Assessing a dual-frequency identification sonars' fish-counting accuracy, precision, and turbid river range capability

Accurately assessing migrating salmon populations in turbid rivers with hydroacoustics is challenging. Using single, dual, or split-beam sonars, difficulties occur fitting acoustic beams between the river's narrow boundaries, distinguishing fish from nonfish echoes, and resolving individual fish at high densities. To address these issues, the fish-counting capability of a dual-frequency identification sonar (DIDSON), which produces high resolution, video-like images, was assessed. In a clear river, fish counts generated from a DIDSON, an echo counter, split-beam sonar, and video were compared to visual counts from a tower, a method frequently used to ground-truth sonars. The DIDSON and tower counts were very similar and showed the strongest agreement and least variability compared to the other methods.
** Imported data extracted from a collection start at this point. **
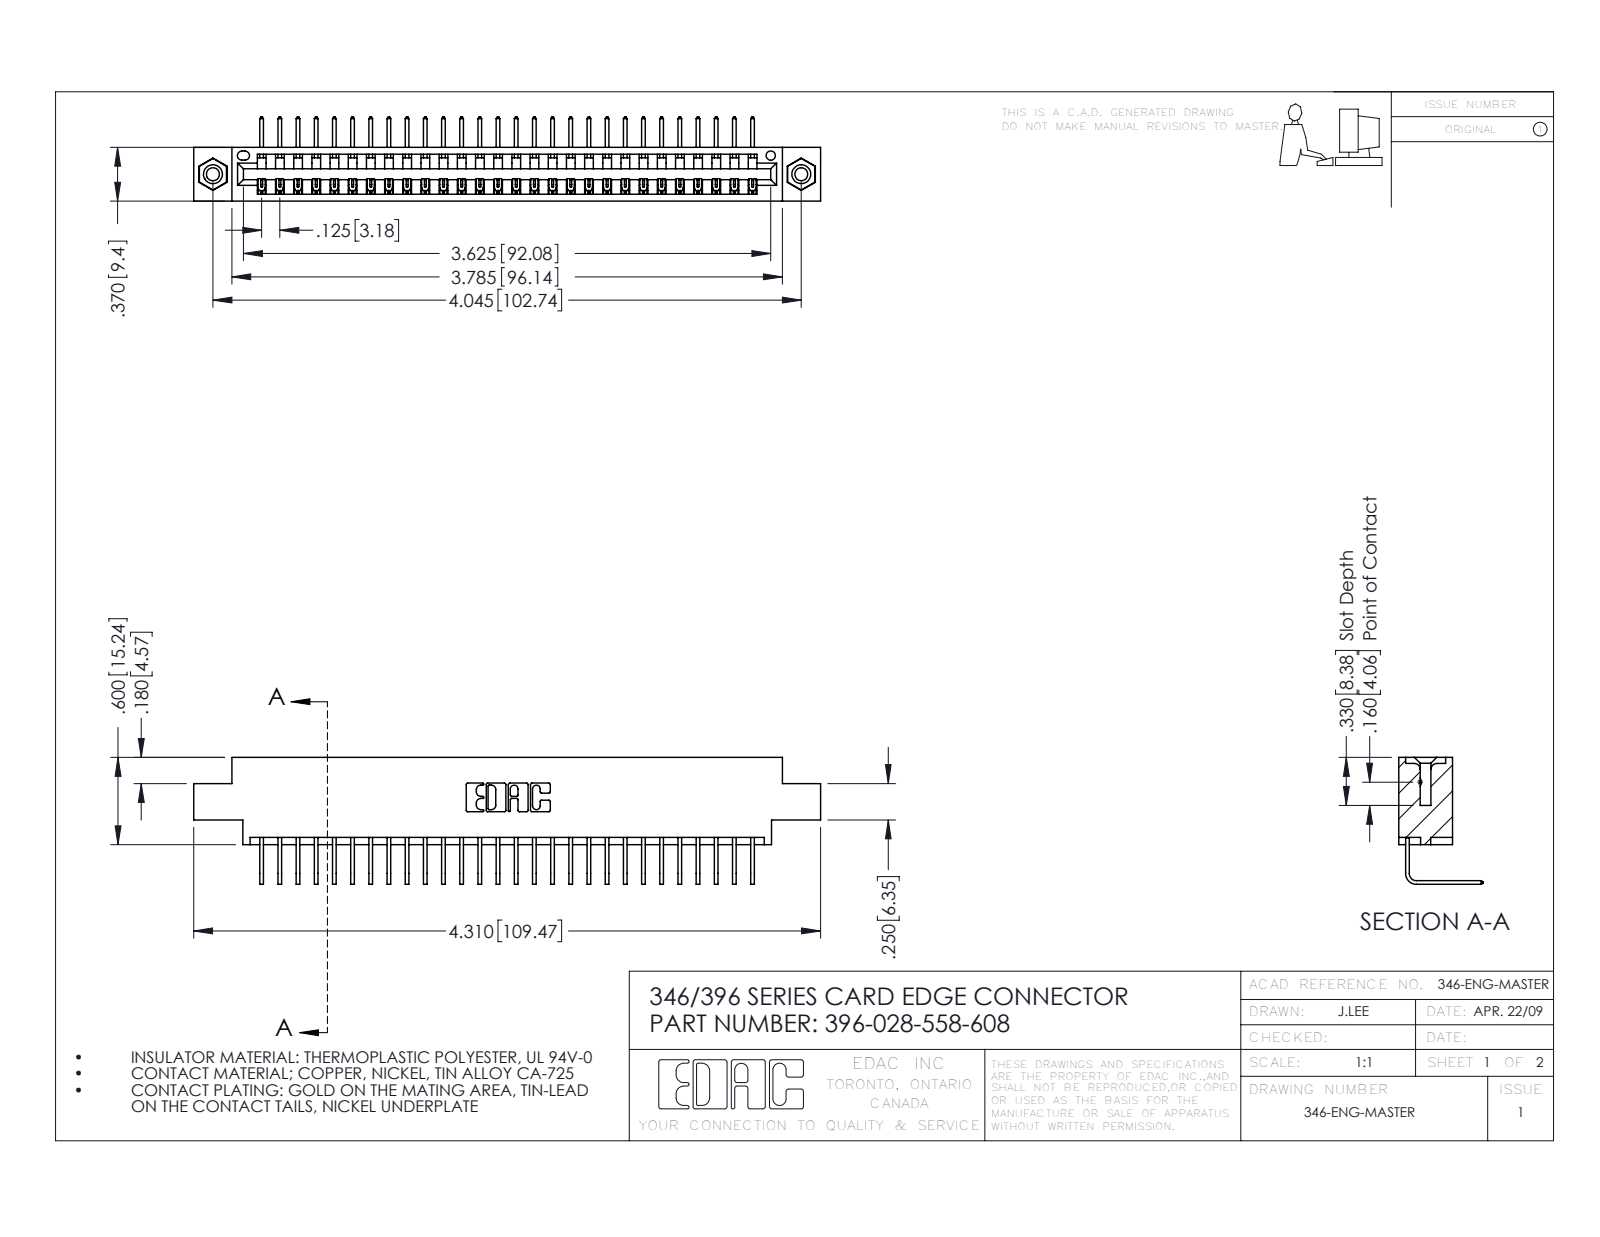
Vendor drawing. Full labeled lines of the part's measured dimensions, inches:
Part name (STEP PRODUCT): 346 Part_0.170 Offset - 0.156 Dia-TI; 396-028-558-608; 345-292-001_558 Tail - 2; 345-250-001_345-250-003-102
STEP written by: SolidWorks 2016 (CONFIG_CONTROL_DESIGN)
Units: inches
Bodies: 31 solids, 1866 faces (1288 planar, 562 cylindrical, 16 other)
Overall size (bounding box): 4.31 × 0.873 × 0.58
Volume: 0.629 in³ · Surface area: 20.89 in²
Round holes (diameter × count): ⌀0.089 ×2, ⌀0.125 ×2, ⌀0.156 ×2, ⌀0.064 ×1
Round bosses / shafts (diameter × count): ⌀0.155 ×2
Partial cylindrical surfaces — rounded edges, fillets, slot ends (radius × count): R0.006 ×56, R0.01 ×22, R0.007 ×6, R0.031 ×6, R0.026 ×3, R0.031 ×2, R0.04 ×2, R0.014 ×1
Main face-to-face distances: 0.322, 0.048, 0.37, 0.25, 0.298, 0.025, 0.072, 0.222, 0.148, 0.1
Hole centre spacings: 0.246, 3.837, 4.045

In a highly turbid river, the DIDSON's maximum detection range for a 10.16 cm spherical target was 17 in, less than absorption and wave spreading losses predict, and 26 in in clear water. Unlike tower and video methods, the DIDSON was not limited by surface disturbances or turbidity. DIDSON advantages over other sonars include: better target resolution; wider viewing angle; better coverage of the water column; accurate direction of travel; and simpler to aim and operate.